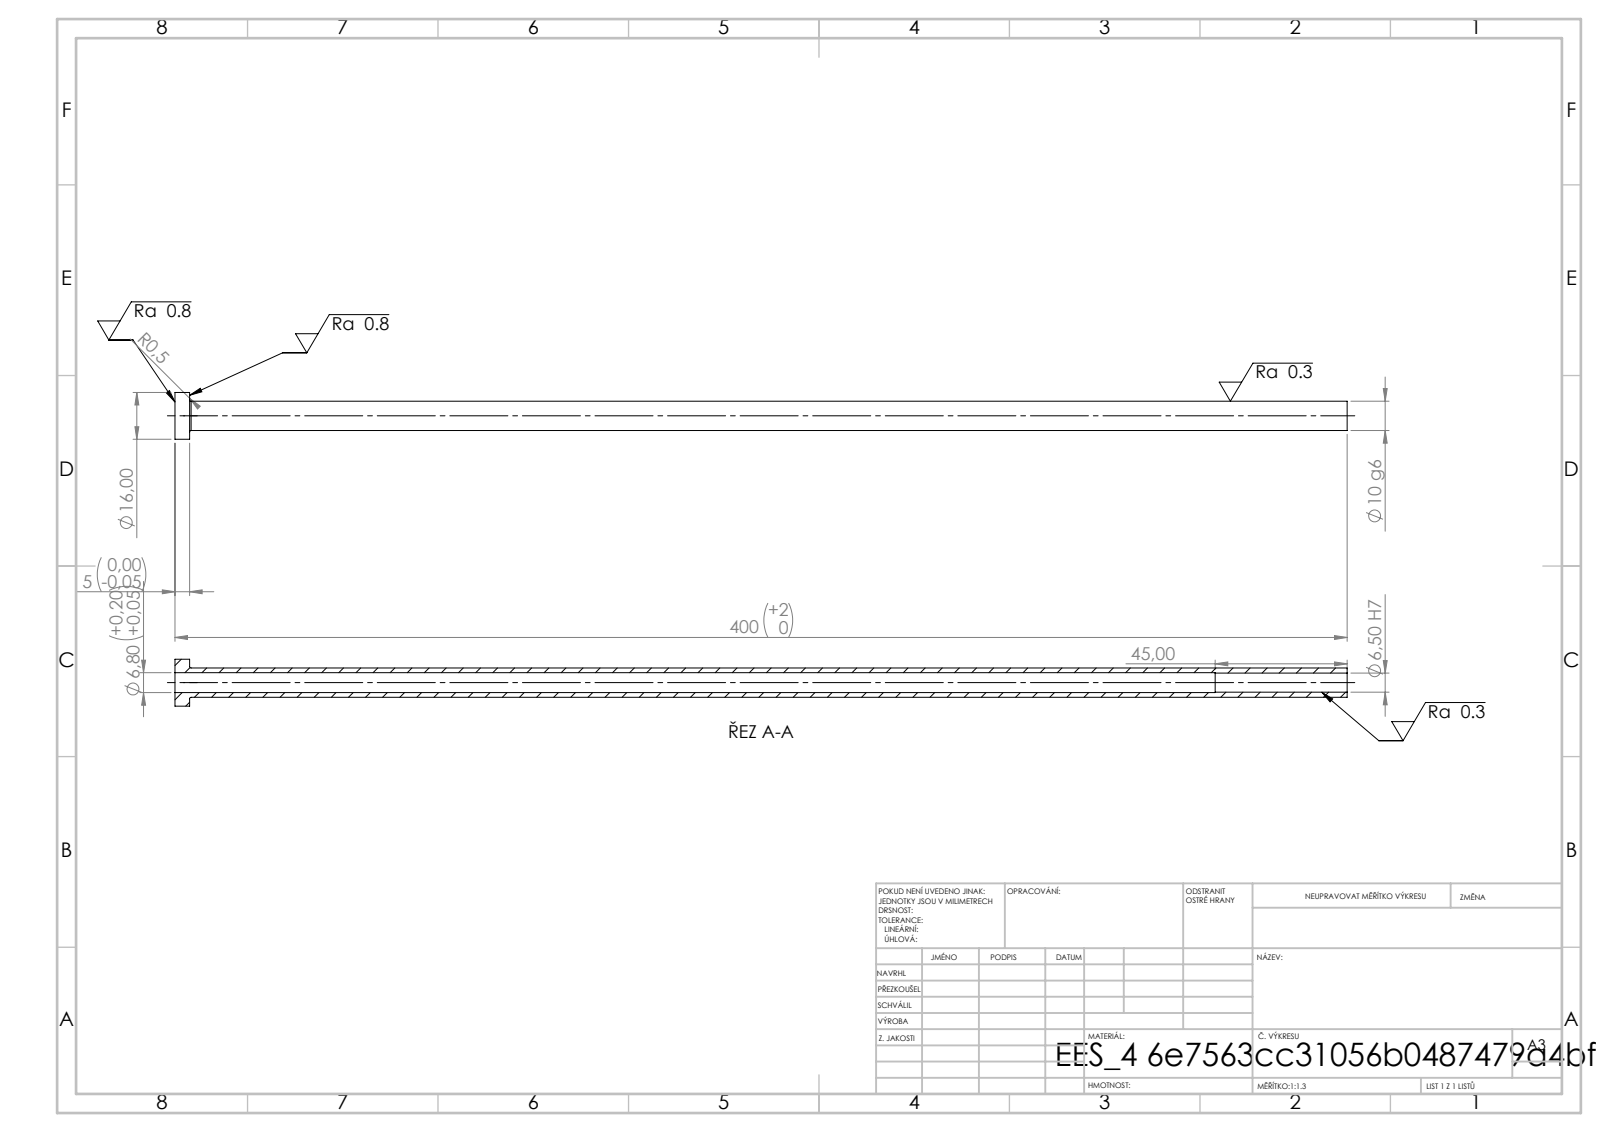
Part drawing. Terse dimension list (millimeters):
written by: SolidWorks 2019 (CONFIG_CONTROL_DESIGN)
unit: mm
bodies: 1 solid, 14 faces (4 planar, 8 cylindrical, 2 other)
size: 400 × 16 × 16
volume: 17 645 mm³; area: 21 492 mm²
holes: 1× ⌀6.5, 1× ⌀6.8
bosses: 1× ⌀16, 1× ⌀10
face distances: 5, 400, 395, 355, 350, 45

◇ ◇ ◇ ◇ ◇

Aim of the task -
With the pictures stripped out, return each record word for word.

Reply -
Part drawing. Terse dimension list (millimeters):
written by: SolidWorks 2019 (CONFIG_CONTROL_DESIGN)
unit: mm
bodies: 1 solid, 14 faces (4 planar, 8 cylindrical, 2 other)
size: 400 × 16 × 16
volume: 17 645 mm³; area: 21 492 mm²
holes: 1× ⌀6.5, 1× ⌀6.8
bosses: 1× ⌀16, 1× ⌀10
face distances: 5, 400, 395, 355, 350, 45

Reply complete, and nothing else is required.